_TO DO_: Return each line of the listing that has the word "ezdxf" in it.

_DATA PROVIDED_:
________
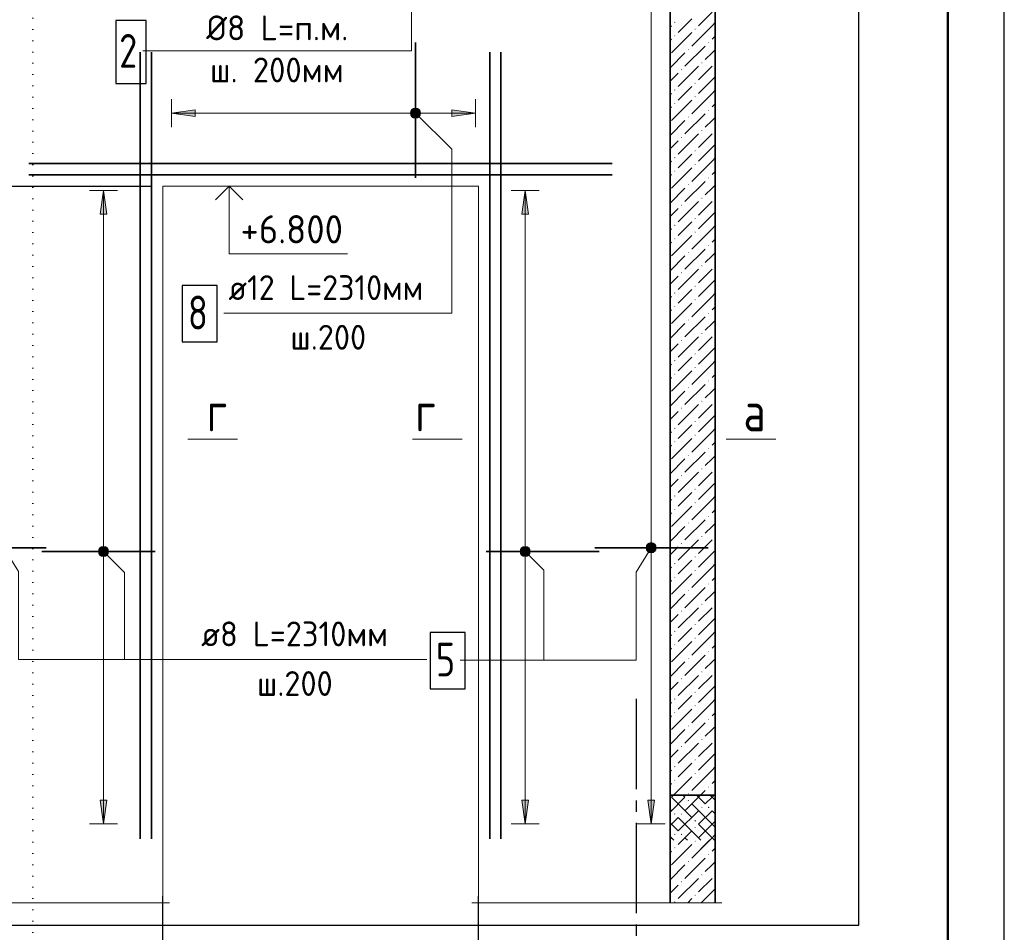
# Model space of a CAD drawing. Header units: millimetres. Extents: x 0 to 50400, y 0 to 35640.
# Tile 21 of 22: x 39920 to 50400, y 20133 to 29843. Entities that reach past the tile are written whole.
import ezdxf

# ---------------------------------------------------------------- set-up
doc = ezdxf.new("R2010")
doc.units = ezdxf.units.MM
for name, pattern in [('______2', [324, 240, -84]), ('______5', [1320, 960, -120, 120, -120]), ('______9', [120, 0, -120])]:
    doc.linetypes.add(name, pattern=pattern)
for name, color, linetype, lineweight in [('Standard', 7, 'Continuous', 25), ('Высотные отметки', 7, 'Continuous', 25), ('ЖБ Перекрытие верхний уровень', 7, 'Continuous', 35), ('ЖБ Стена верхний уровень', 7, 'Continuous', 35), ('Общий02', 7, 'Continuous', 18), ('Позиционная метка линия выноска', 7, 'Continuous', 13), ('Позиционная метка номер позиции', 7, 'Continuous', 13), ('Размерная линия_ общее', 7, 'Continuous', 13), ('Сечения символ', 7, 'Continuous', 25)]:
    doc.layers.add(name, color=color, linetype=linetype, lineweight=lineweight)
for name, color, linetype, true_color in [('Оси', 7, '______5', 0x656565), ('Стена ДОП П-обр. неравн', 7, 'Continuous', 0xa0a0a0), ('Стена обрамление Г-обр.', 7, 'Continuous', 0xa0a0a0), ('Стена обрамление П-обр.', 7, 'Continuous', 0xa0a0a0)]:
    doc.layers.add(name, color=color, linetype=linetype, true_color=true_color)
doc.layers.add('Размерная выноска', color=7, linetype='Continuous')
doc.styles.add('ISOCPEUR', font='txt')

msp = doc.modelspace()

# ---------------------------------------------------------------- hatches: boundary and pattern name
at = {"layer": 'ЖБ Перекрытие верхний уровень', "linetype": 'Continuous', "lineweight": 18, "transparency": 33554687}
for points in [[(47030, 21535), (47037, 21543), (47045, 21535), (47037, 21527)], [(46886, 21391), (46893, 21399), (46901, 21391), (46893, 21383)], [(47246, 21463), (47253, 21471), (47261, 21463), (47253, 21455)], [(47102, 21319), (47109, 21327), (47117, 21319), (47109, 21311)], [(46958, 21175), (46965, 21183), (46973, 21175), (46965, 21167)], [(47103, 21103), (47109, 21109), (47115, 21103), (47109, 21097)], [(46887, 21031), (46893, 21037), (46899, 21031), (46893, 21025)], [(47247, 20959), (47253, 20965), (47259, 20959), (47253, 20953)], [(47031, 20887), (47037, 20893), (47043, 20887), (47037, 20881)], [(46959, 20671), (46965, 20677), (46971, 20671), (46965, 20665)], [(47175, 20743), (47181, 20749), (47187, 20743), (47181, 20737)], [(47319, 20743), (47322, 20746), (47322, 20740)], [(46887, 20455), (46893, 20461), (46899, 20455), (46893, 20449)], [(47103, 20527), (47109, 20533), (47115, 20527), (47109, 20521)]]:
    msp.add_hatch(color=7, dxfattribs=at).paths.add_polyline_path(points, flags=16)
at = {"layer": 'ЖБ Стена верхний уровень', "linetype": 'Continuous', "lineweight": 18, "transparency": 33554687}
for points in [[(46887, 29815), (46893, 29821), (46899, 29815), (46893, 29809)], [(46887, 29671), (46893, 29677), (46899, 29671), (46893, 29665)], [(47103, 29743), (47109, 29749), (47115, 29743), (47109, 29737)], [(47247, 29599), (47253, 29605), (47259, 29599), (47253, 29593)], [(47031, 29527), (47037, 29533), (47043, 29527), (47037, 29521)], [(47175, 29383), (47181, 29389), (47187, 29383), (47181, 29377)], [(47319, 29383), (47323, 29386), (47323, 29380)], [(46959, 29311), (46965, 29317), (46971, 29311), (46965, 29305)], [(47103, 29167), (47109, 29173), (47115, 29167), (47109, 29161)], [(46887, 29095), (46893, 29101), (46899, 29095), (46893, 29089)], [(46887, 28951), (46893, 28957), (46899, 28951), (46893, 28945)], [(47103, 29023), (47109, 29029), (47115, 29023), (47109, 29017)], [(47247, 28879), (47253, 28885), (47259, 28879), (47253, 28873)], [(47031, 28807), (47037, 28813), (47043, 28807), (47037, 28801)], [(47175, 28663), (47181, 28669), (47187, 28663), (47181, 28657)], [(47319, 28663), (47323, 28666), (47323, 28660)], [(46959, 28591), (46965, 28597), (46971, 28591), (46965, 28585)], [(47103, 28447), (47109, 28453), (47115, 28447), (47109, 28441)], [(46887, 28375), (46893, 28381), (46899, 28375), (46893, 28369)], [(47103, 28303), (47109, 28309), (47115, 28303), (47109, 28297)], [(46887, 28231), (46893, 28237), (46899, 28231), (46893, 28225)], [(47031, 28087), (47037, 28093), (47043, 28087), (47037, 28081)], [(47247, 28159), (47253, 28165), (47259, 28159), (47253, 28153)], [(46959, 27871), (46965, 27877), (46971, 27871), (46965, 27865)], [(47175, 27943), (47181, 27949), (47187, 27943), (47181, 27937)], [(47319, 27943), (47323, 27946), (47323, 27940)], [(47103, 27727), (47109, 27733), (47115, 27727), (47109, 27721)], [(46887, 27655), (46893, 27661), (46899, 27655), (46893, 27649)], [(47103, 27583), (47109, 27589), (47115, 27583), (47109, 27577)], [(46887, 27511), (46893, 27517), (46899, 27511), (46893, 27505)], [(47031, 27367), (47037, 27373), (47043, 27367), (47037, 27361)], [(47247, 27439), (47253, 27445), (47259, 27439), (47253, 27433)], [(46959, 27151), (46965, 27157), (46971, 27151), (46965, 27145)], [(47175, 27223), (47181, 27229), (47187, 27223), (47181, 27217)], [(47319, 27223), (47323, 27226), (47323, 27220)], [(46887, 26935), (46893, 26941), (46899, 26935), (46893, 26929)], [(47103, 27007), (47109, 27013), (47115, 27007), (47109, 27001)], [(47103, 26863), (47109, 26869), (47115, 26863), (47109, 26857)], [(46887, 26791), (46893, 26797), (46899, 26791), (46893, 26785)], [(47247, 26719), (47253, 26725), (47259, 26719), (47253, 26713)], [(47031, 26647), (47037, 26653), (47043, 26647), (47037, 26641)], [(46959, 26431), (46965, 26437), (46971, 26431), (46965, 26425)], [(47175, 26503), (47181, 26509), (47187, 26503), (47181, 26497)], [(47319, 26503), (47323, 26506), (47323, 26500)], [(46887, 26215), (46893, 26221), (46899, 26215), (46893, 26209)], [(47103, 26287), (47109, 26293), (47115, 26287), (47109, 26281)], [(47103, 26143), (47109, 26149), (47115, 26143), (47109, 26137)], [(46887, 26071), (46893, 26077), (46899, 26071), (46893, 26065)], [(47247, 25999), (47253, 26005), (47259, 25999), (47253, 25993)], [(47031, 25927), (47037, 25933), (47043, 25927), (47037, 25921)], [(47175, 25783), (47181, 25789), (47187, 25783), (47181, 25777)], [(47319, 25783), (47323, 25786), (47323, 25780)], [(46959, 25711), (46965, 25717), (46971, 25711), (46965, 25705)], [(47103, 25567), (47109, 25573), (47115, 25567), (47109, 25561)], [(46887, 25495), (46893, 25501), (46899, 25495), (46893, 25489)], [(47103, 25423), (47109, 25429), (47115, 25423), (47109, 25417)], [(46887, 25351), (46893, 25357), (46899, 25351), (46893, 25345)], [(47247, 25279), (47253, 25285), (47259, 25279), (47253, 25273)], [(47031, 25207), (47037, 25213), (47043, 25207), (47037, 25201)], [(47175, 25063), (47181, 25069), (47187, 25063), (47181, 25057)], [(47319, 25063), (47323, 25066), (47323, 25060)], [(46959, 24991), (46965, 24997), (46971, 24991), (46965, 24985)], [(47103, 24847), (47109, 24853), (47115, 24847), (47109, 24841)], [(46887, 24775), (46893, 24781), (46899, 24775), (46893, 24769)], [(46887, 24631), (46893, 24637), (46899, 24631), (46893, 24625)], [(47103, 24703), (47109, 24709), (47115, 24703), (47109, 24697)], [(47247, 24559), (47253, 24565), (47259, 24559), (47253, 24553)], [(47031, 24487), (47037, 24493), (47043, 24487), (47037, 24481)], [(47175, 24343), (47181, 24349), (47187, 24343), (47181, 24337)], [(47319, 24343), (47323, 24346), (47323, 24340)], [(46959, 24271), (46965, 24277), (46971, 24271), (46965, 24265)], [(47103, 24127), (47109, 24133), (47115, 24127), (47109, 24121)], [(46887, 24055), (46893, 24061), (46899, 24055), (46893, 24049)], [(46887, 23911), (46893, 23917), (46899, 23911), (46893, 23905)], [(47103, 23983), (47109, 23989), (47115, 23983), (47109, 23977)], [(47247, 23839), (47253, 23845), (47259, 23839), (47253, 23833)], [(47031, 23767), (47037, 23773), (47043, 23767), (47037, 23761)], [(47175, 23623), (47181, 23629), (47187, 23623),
________
_THE COMPLETED TASK_:
import ezdxf
doc = ezdxf.new("R2010")
doc.units = ezdxf.units.MM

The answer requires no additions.